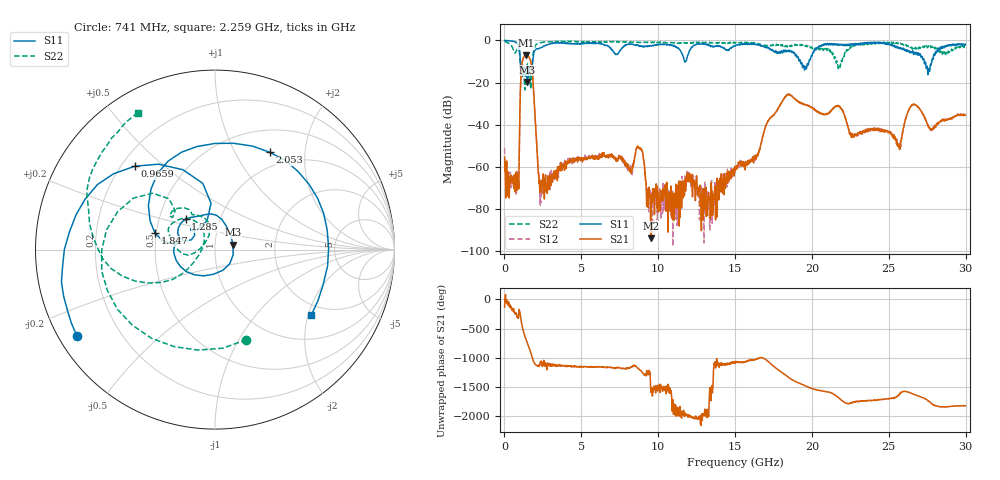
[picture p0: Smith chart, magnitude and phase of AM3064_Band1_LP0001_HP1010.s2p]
# Hz S DB R 50.0
!freq dBS11 angS11 dBS21 angS21 dBS12 angS12 dBS22 angS22
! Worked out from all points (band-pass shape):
!   1600 points, 10 MHz to 29.98 GHz, reference 50 ohm
!   highest |S21| = -6.97 dB at 1.397 GHz (marker M1); lowest = -93.8 dB at 9.513 GHz (marker M2)
!   |S21| within 3 dB of the highest: 1.163 GHz to 1.714 GHz (551 MHz wide, 38.3 % of centre)
!   lowest |S11| = -19.7 dB at 1.472 GHz (marker M3), VSWR 1.23, Z = 61 + j3.43 ohm
!   |S11| at or under -10 dB: 1.031 GHz to 1.835 GHz (804.3 MHz wide, 56.1 % of centre); 19.25 GHz to 19.8 GHz (553.9 MHz wide, 2.84 % of centre); 27.3 GHz to 27.79 GHz (487.9 MHz wide, 1.77 % of centre)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
!   |S22| runs from -23.5 to -0.2 dB; largest |S21 - S12| = 0.0055
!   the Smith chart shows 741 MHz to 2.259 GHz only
!   S11 on the Smith chart (normalised r, x): 741 MHz: 0.05, -0.29; 965.9 MHz: 0.25, +0.40; 1.285 GHz: 0.68, +0.24; 1.847 GHz: 0.49, +0.10; 2.053 GHz: 0.79, +1.40; 2.259 GHz: 1.65, -2.09
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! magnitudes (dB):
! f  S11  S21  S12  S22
! 10 MHz  0.0  -55.4  -51.0  -0.2
! 741 MHz  -0.8  -69.6  -72.9  -5.5
! 965.9 MHz  -3.8  -49.4  -49.8  -5.4
! 1.285 GHz  -12.6  -7.5  -7.5  -18.3
! 1.397 GHz  -14.4  -7.0  -7.0  -14.8
! 1.472 GHz  -19.7  -7.1  -7.0  -11.6
! 1.847 GHz  -9.2  -18.3  -18.2  -7.7
! 2.053 GHz  -4.1  -43.7  -43.5  -2.0
! 2.259 GHz  -3.8  -68.1  -65.3  -1.2
! 5.015 GHz  -1.4  -56.0  -55.9  -0.8
! 8.782 GHz  -2.6  -50.8  -50.8  -0.9
! 9.513 GHz  -2.4  -93.8  -73.3  -0.8
! 10 GHz  -2.0  -72.2  -73.8  -0.9
! 11.95 GHz  -6.7  -64.8  -62.5  -1.1
! 13.26 GHz  -2.3  -73.2  -73.3  -1.0
! 15 GHz  -2.5  -61.5  -60.4  -1.3
! 18.34 GHz  -5.5  -26.2  -26.1  -2.7
! 19.99 GHz  -7.5  -31.8  -31.9  -3.4
! 25 GHz  -1.5  -43.4  -43.6  -1.1
! 26.61 GHz  -6.5  -30.4  -30.4  -3.0
! 27.56 GHz  -15.9  -40.9  -40.3  -2.7
! 29.98 GHz  -1.8  -35.4  -35.4  -3.2

## Task to complete
Each record above has to be written out again in full, but its pictures must not be.

## Task solution
[picture p0: Smith chart, magnitude and phase of AM3064_Band1_LP0001_HP1010.s2p]
# Hz S DB R 50.0
!freq dBS11 angS11 dBS21 angS21 dBS12 angS12 dBS22 angS22
! Worked out from all points (band-pass shape):
!   1600 points, 10 MHz to 29.98 GHz, reference 50 ohm
!   highest |S21| = -6.97 dB at 1.397 GHz (marker M1); lowest = -93.8 dB at 9.513 GHz (marker M2)
!   |S21| within 3 dB of the highest: 1.163 GHz to 1.714 GHz (551 MHz wide, 38.3 % of centre)
!   lowest |S11| = -19.7 dB at 1.472 GHz (marker M3), VSWR 1.23, Z = 61 + j3.43 ohm
!   |S11| at or under -10 dB: 1.031 GHz to 1.835 GHz (804.3 MHz wide, 56.1 % of centre); 19.25 GHz to 19.8 GHz (553.9 MHz wide, 2.84 % of centre); 27.3 GHz to 27.79 GHz (487.9 MHz wide, 1.77 % of centre)
!   |S22| runs from -23.5 to -0.2 dB; largest |S21 - S12| = 0.0055
!   the Smith chart shows 741 MHz to 2.259 GHz only
!   S11 on the Smith chart (normalised r, x): 741 MHz: 0.05, -0.29; 965.9 MHz: 0.25, +0.40; 1.285 GHz: 0.68, +0.24; 1.847 GHz: 0.49, +0.10; 2.053 GHz: 0.79, +1.40; 2.259 GHz: 1.65, -2.09
! magnitudes (dB):
! f  S11  S21  S12  S22
! 10 MHz  0.0  -55.4  -51.0  -0.2
! 741 MHz  -0.8  -69.6  -72.9  -5.5
! 965.9 MHz  -3.8  -49.4  -49.8  -5.4
! 1.285 GHz  -12.6  -7.5  -7.5  -18.3
! 1.397 GHz  -14.4  -7.0  -7.0  -14.8
! 1.472 GHz  -19.7  -7.1  -7.0  -11.6
! 1.847 GHz  -9.2  -18.3  -18.2  -7.7
! 2.053 GHz  -4.1  -43.7  -43.5  -2.0
! 2.259 GHz  -3.8  -68.1  -65.3  -1.2
! 5.015 GHz  -1.4  -56.0  -55.9  -0.8
! 8.782 GHz  -2.6  -50.8  -50.8  -0.9
! 9.513 GHz  -2.4  -93.8  -73.3  -0.8
! 10 GHz  -2.0  -72.2  -73.8  -0.9
! 11.95 GHz  -6.7  -64.8  -62.5  -1.1
! 13.26 GHz  -2.3  -73.2  -73.3  -1.0
! 15 GHz  -2.5  -61.5  -60.4  -1.3
! 18.34 GHz  -5.5  -26.2  -26.1  -2.7
! 19.99 GHz  -7.5  -31.8  -31.9  -3.4
! 25 GHz  -1.5  -43.4  -43.6  -1.1
! 26.61 GHz  -6.5  -30.4  -30.4  -3.0
! 27.56 GHz  -15.9  -40.9  -40.3  -2.7
! 29.98 GHz  -1.8  -35.4  -35.4  -3.2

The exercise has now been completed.